I noticed that they aren't on the website either. I'm looking into it, sorry!
I'll PM you the full info about those bikes now.


----------



## Specialized_Joe

wrshultz said:


> Joe,
> 
> Any luck getting some pics of fenders mounted on a Diverge?
> 
> Thanks,
> 
> Bill


Hey Bill, 
Not yet, unfortunately. Its pretty dry here these days and no one has them on their bike right now. I haven't had a chance yet to put some on just for pictures, sorry! I haven't forgotten about you though!


----------



## Specialized_Joe

MaxSE said:


> Hi Joe,
> 
> I'm new to the forum but not to Specialized, first (and perhaps most loved bike for me) was an '89 pink/green Stumpjumper - a real classic.
> 
> Anyway, I started a topic on this but your thoughts and input would be great to have:
> 
> Looking to get a Tarmac as either a very cherished "bought on a whim, sat in a bedroom, one ride round the block" etc private purchase or new from trade (likely 2013/14 model on sale).
> 
> To be clear I'm looking at the base model cheapest in each year Tarmac (ie *not *Elite/Pro/"Expert SLR"/S-Works etc) and to be clear again this is for the frameset only, any other parts spec on a complete bike I'm not interested in as I have the components lined up and anything it comes with will be sold if surplus.
> 
> The 2014 was designated* 9r *carbon and *SL4* so I guess pretty much equivilent to top spec from the Tarmac range from a year or two earlier.
> 
> The 2011 models are designated *SL2* and *8r* and differ very little to my eye and limited research.
> 
> But the 2012/13 have no SL designation just 8r, why is this?
> 
> Main thing I can see is internal cabling on the 2014 of course but delving deeper how does:
> 
> a) the frame build method/compliancy/tube shapes differ?
> 
> b) the resulting ride differ?
> 
> c) the weight? I've struggled to find actual rider-weighed stats for any of these basic frames. Has anyone weighted their bare frame from recent years and can give accurate figures?
> 
> Joe, can you also confirm the OSBB shell width on the 2014 base model Tarmac - is it still 61mm wide like the previous Tarmacs' or did it revert to 68mm?


Hey there,

I don't know why we decided to only call out 8r on those bikes. The 2011-2013 base models are all the same, except for one thing. The 2013 has our OSBB shell and the '11-'12 base models had a threaded BB shell. 

In 2014 we brought the SL4 down thru the whole Tarmac line with the 9r layup. 
-The SL4 has generally larger tube diameters than the SL2.
-The SL4 is much stiffer torsionally and in the rear triangle than the SL2.
-The SL4 base frame is a little lighter than the SL2, probably 30-40g on average.

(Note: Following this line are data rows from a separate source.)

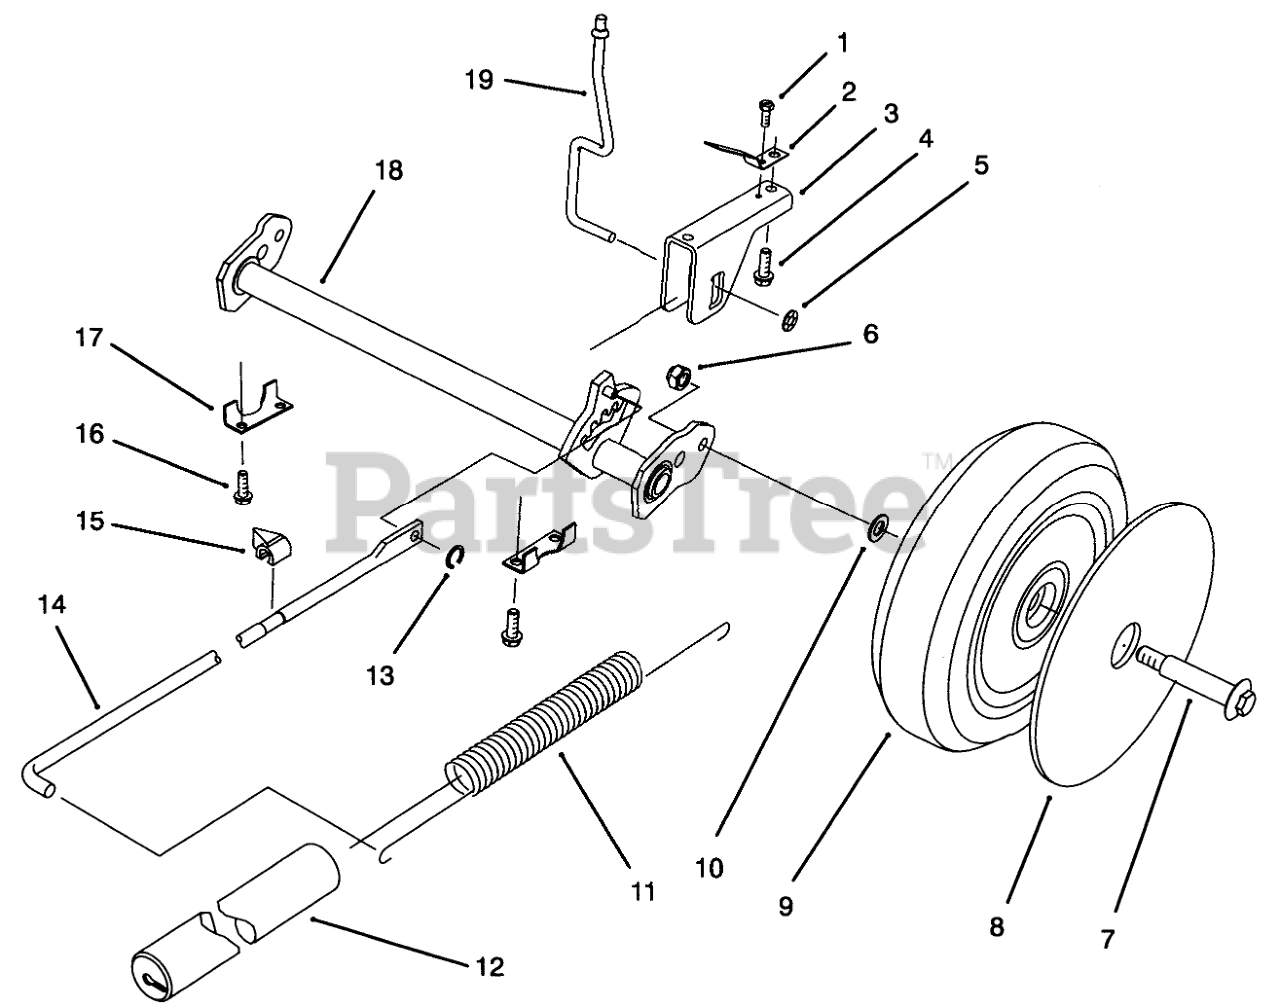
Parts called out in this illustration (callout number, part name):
1	SCREW 8 - 32 X 250
2	SPRING - TRIGGER RET
3	SADDLE - HOC
4	SCREW
5	PUSHNUT
6	NUT-HEX
7	BOLT-WHEEL
8	COVER-WHEEL
9	Wheel-ASM
10	WASHER
11	SPRING-COUNTERBALANCE
12	COVER-SPRING
13	GRIP RING
14	LINK ROD
15	INDICATOR-HEIGHT OF CUT
16	SCREW-HWH
17	REAR SECURING PLATE
18	PIVOT ARM REAR WA
19	TRIGGER ROD

The OSBB shell on the SL4 is 61mm wide. With either our plastic or alloy BB cups and the bearings installed, the bearings are positioned like a BB30 system.

Hope that all helps!


----------



## MaxSE

Specialized_Joe said:


> Hey there,
> 
> I don't know why we decided to only call out 8r on those bikes. The 2011-2013 base models are all the same, except for one thing. The 2013 has our OSBB shell and the '11-'12 base models had a threaded BB shell.
> 
> In 2014 we brought the SL4 down thru the whole Tarmac line with the 9r layup.
> -The SL4 has generally larger tube diameters than the SL2.
> -The SL4 is much stiffer torsionally and in the rear triangle than the SL2.
> -The SL4 base frame is a little lighter than the SL2, probably 30-40g on average.
> 
> The OSBB shell on the SL4 is 61mm wide. With either our plastic or alloy BB cups and the bearings installed, the bearings are positioned like a BB30 system.
> 
> Hope that all helps!


Joe, that' very helpful, many thanks. I did not realise the 11/12/13 frames were unchanged - it that everything? So, same mould, lay up, tube shape etc?

And just to double check (BB is important to me!) - the threaded BB was still used *throughout* '12? Was there maybe a running change in '12 (to OSBB) as I think a Spec' rep told me this?


----------



## Stumpjumper FSR

Specialized_Joe said:


> We are good friends with SRAM actually! We just decided to go with more Shimano stuff this year partially based off feedback from our riders and dealers.
> 
> Thanks for the other feedback as well. Enjoy the new bike; I'm glad you got something sorted out!


Here's some feedback from one of your consumers, I'd like to buy an S-Works Roubaix Red.


----------



## darwinosx

Everything going SL 4 is what made me buy a 2014 Roubaix. I found the previous mix of frames to be confusing and some of them did not ride well as they were flexy to me.


----------



## Petsah

wrshultz said:


> Joe,
> 
> Any luck getting some pics of fenders mounted on a Diverge?
> 
> Thanks,
> 
> Bill


Great thread!
Though I still can´t figure out how the fenders mount at the front fork crown, seat stay yoke and bottom bracket area on the Diverge carbon models. There seem to be a small bolt in the seat stay yoke screwed in upwards (restricting clearance?). But the front fork doesn´t seem to have any hole or bolt in the crown area (upward bolt here to?). And I can´t see any bolt at the bottom bracket either.
This is from what I can gather from the pictures on the web. One of the Diverge´s selling points seem to be fender mounts, so why no info? They only show and talk about the "plug and play" holes at the dropouts.
Anyone got some info on this?

Thank´s / Peter


----------



## kt22mike

I have a question on a 2011 Secteur frame regarding BB size. I was able to buy a used Secteur frame without components and want to either install a Sram Force 22 or Shimano 6800 component group. 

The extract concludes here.